- GOAL OF THE EXERCISE -
Lines holding the string "table" are the ones to copy; find them all in the data.

- Stored items from a collection -
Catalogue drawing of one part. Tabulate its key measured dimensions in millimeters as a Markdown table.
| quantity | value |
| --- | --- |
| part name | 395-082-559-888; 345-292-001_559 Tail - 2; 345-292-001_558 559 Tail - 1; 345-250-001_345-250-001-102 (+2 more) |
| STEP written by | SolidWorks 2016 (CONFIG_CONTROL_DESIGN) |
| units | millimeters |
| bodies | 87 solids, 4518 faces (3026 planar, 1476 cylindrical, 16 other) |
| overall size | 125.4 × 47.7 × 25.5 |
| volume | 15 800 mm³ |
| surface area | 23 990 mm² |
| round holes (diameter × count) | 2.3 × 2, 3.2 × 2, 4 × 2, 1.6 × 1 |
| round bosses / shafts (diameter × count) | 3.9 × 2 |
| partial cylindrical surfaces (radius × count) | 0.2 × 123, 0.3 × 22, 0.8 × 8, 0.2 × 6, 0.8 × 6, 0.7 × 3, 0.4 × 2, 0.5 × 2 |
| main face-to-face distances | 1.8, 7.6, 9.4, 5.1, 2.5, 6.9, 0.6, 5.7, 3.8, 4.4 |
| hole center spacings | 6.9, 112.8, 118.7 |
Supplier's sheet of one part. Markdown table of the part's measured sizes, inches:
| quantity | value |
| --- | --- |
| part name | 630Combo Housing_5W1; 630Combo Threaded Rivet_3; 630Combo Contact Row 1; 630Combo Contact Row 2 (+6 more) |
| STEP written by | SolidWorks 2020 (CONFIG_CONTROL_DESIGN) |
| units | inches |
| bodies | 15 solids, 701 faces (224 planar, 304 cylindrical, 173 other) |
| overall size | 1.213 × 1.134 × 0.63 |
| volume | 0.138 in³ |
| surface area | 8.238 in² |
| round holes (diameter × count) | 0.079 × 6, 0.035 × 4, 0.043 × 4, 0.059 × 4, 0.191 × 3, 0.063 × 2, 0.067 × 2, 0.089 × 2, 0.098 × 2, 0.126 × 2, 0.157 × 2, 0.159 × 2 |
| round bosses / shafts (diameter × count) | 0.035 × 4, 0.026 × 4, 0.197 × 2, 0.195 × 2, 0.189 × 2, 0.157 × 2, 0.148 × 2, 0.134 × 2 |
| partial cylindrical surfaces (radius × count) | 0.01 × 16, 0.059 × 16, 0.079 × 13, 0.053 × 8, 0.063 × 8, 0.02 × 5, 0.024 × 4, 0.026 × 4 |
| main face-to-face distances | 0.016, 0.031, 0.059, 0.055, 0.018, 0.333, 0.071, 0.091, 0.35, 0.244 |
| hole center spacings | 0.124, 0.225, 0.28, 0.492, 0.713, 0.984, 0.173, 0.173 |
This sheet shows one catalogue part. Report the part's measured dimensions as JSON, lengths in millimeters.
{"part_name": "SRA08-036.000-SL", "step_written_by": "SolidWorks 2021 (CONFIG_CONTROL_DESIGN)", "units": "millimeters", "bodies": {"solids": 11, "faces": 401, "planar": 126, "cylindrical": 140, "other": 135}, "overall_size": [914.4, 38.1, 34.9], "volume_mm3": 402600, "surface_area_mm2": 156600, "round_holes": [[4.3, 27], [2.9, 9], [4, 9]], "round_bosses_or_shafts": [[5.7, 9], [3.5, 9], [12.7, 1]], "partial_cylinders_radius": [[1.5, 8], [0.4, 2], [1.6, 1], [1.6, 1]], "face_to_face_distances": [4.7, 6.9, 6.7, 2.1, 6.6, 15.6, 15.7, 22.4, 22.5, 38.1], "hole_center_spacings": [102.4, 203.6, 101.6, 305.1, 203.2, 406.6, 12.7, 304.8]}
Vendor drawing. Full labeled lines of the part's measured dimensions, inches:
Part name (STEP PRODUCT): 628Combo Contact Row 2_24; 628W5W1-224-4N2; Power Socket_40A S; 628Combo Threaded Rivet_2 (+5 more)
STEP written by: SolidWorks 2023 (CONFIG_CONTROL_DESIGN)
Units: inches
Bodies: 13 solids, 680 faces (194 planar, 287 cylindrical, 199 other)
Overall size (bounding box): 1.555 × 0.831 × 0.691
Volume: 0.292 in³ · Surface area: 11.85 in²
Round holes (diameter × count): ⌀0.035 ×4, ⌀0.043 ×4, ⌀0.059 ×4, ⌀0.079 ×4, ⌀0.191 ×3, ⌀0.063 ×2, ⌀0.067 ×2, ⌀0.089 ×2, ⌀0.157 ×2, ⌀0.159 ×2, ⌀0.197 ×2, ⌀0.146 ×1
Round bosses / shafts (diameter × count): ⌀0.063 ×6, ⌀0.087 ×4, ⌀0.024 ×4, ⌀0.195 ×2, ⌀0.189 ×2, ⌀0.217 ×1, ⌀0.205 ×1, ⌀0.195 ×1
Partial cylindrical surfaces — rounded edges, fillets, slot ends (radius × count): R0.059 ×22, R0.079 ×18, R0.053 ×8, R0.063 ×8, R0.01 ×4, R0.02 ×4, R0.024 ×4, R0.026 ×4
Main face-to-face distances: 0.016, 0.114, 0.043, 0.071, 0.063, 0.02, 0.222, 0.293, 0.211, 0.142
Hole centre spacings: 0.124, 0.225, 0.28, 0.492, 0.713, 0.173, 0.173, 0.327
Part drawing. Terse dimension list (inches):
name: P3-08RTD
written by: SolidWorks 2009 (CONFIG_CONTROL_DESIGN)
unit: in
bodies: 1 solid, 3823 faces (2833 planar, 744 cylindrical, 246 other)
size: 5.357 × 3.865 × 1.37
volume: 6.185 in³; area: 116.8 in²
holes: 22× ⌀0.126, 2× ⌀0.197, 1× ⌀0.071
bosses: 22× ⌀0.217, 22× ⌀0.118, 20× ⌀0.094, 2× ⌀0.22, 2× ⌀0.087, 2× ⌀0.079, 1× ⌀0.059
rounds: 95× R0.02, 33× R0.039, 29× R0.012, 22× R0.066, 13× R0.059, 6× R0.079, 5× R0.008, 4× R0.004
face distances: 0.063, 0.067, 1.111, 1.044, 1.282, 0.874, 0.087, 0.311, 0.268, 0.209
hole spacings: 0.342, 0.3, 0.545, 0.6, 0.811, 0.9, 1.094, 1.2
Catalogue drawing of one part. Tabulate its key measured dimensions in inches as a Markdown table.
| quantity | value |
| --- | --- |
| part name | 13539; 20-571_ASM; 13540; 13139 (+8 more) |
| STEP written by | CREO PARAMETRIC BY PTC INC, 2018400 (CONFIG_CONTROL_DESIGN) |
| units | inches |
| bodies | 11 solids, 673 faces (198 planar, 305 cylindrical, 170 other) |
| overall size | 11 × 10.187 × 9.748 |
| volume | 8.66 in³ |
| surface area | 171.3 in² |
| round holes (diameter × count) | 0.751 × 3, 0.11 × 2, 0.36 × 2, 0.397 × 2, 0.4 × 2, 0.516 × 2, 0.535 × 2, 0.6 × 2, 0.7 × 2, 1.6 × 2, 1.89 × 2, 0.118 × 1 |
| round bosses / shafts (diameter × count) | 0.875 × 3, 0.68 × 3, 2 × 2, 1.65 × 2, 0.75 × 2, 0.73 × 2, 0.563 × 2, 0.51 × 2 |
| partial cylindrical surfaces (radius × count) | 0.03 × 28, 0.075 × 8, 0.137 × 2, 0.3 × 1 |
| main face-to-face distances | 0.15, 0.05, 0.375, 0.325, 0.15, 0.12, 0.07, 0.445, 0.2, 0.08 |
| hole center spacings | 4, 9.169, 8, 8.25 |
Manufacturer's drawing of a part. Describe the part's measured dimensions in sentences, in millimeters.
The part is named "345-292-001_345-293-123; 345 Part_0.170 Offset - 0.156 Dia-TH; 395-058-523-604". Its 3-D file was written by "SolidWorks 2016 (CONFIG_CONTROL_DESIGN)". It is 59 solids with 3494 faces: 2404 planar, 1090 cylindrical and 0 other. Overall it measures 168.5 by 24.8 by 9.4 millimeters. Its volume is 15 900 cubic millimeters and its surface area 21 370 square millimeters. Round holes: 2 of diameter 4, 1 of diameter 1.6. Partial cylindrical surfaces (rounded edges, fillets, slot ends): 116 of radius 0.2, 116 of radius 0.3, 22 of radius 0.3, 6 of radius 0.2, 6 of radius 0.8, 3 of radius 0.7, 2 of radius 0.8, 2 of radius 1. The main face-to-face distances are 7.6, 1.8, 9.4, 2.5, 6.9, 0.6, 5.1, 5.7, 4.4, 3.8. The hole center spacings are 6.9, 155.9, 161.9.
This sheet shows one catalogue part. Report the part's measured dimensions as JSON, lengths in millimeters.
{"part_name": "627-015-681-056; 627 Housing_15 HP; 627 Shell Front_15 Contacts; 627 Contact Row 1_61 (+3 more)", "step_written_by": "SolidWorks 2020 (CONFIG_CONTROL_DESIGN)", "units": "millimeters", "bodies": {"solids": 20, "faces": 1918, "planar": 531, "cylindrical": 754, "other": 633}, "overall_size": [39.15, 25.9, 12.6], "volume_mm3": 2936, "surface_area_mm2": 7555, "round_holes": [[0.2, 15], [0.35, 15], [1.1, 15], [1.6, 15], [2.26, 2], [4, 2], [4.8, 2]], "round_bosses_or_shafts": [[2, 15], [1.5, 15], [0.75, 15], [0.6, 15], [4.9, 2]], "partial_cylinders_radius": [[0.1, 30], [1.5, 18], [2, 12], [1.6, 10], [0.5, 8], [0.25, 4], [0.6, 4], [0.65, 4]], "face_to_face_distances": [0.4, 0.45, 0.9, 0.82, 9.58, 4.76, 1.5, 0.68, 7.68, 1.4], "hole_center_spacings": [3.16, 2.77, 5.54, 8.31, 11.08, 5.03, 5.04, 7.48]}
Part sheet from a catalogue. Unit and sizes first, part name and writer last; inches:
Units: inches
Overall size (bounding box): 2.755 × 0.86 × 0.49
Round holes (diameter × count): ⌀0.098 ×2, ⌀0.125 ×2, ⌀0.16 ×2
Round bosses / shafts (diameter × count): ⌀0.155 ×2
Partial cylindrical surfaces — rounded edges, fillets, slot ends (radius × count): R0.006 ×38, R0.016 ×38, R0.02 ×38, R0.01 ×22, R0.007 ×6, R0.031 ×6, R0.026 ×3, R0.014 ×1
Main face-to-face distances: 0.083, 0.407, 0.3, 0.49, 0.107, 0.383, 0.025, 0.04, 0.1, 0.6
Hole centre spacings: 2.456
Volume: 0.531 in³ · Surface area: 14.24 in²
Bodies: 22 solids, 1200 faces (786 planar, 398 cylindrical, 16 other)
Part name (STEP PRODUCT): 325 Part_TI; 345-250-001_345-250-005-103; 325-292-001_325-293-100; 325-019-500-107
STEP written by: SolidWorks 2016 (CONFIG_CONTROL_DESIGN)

- SOLUTION FOR THIS EXERCISE -
Catalogue drawing of one part. Tabulate its key measured dimensions in millimeters as a Markdown table.
Supplier's sheet of one part. Markdown table of the part's measured sizes, inches:
Catalogue drawing of one part. Tabulate its key measured dimensions in inches as a Markdown table.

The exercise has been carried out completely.